14:36 ‘Abba’ has been interpreted as meaning ‘Daddy’. This is how close Jesus felt to God; and we can also.

14:37 One hour- His brief prayer of 14:36 took one hour to pray. We read those words too quickly. 14:51 Was this young man Peter (see v. 54)? Jesus speaks of him as “young” in Jn. 21:18.

14:68 The cock crew- Peter should’ve seen the warning sign. Did he psychologically ignore it; or did he resolve that next time he would not fail? He should’ve removed himself from temptation; but like us so often, he didn’t. He, like us, thought he was stronger than he was.

14:68 He “went out” from the Lord. “Went out” is the language of Judas going out (Jn. 13:30- in essence, Peter and Judas did the same thing at the same time). Other prototypes of the rejected likewise had gone out from the Lord. Cain ‘“went out” (Gen. 4:16), as did Zedekiah in the judgment of Jerusalem (Jer. 39:4; 52:7). Esau went out from the land of Canaan into Edom, slinking away from the face of his brother Jacob, sensing his righteousness and his own carnality (Gen. 36:2-8). Yet Peter in this life “went out” from the Lord and then some minutes later further “went out and wept bitterly” (Lk. 22:62), living out the very figure of condemnation- and yet was able to repent and come back. In this life we can be judged, condemned, weep...but still repent of it and thereby change our eternal destiny. But at the final judgment: it will be just too late. That ‘judgment’ will be a detailed statement of the outcome of the ongoing investigative judgment which is going on right now.

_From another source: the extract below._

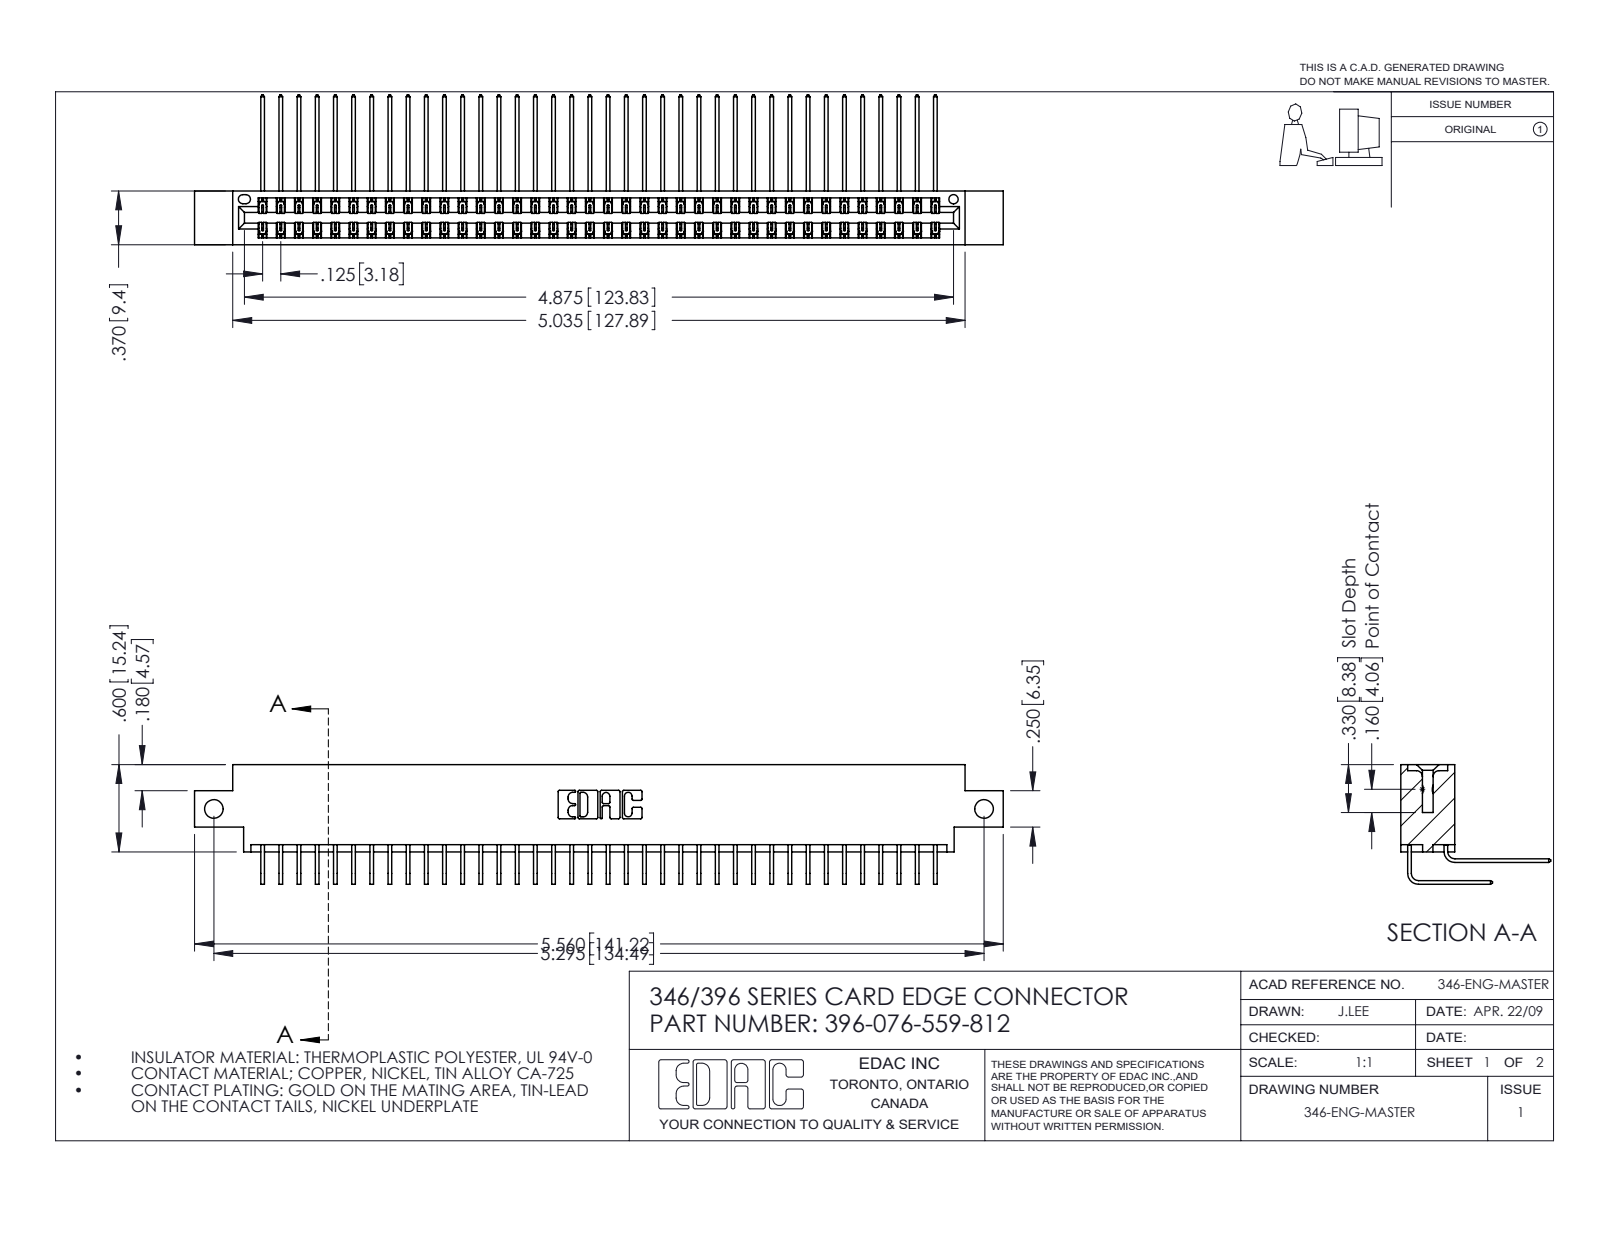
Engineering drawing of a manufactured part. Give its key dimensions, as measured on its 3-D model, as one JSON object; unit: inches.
{"part_name": "396-076-559-812; 345-292-001_558 559 Tail - 1; 346 Part_0.170 Offset - Side Mount; 345-292-001_559 Tail - 2", "step_written_by": "SolidWorks 2016 (CONFIG_CONTROL_DESIGN)", "units": "inches", "bodies": {"solids": 77, "faces": 4230, "planar": 2892, "cylindrical": 1338, "other": 0}, "overall_size": [5.56, 1.03, 0.823], "volume_in3": 0.85, "surface_area_in2": 32.92, "round_holes": [[0.128, 2], [0.064, 1]], "partial_cylinders_radius": [[0.006, 114], [0.01, 22], [0.007, 6], [0.031, 6], [0.026, 3], [0.014, 2], [0.022, 2], [0.024, 2]], "face_to_face_distances": [0.048, 0.322, 0.025, 0.37, 0.25, 0.072, 0.298, 0.275, 0.148, 0.222], "hole_center_spacings": [5.295]}

14:72 Three times- Mark’s record of the Lord’s trial is not merely a historical account. It’s framed in terms of our need to testify for our faith too. The Lord’s example in His time of suffering was and is intended to be our example and inspiration, in that we are to in a very practical sense enter into His sufferings. Mark records the Lord’s prediction that His people would have to witness before both Jewish and Gentile authorities (Mk. 13:9-13)- and then Mark goes on in the next chapter to describe Jesus doing just this. The Lord asked His suffering followers not to prepare speeches of self-defence- perhaps exemplified and patterned for us in the way that He remained silent before His accusers. Peter is recorded as denying Christ three times- just as the Romans interrogated Christians and asked them to three times deny Christ. The Christians were also asked to curse, or anathematizein, Jesus. And when we read of Peter’s cursing, the same word is used. We’re left with the impression that Peter actually cursed Christ. And so Mark, who was likely writing the Gospel on Peter’s behalf, is showing that Peter, the leader of the church, actually pathetically failed to follow his Lord at this time. And yet the Gospel of Mark was being distributed to Christians who were being dragged before Jewish and Roman courts. The idea was surely to give them an example and encouragement from Peter’s failure, rather than portray a positive example of a man overcoming the temptation to curse and deny Christ. But this was how the Lord used Peter- as an example from failure for all of us.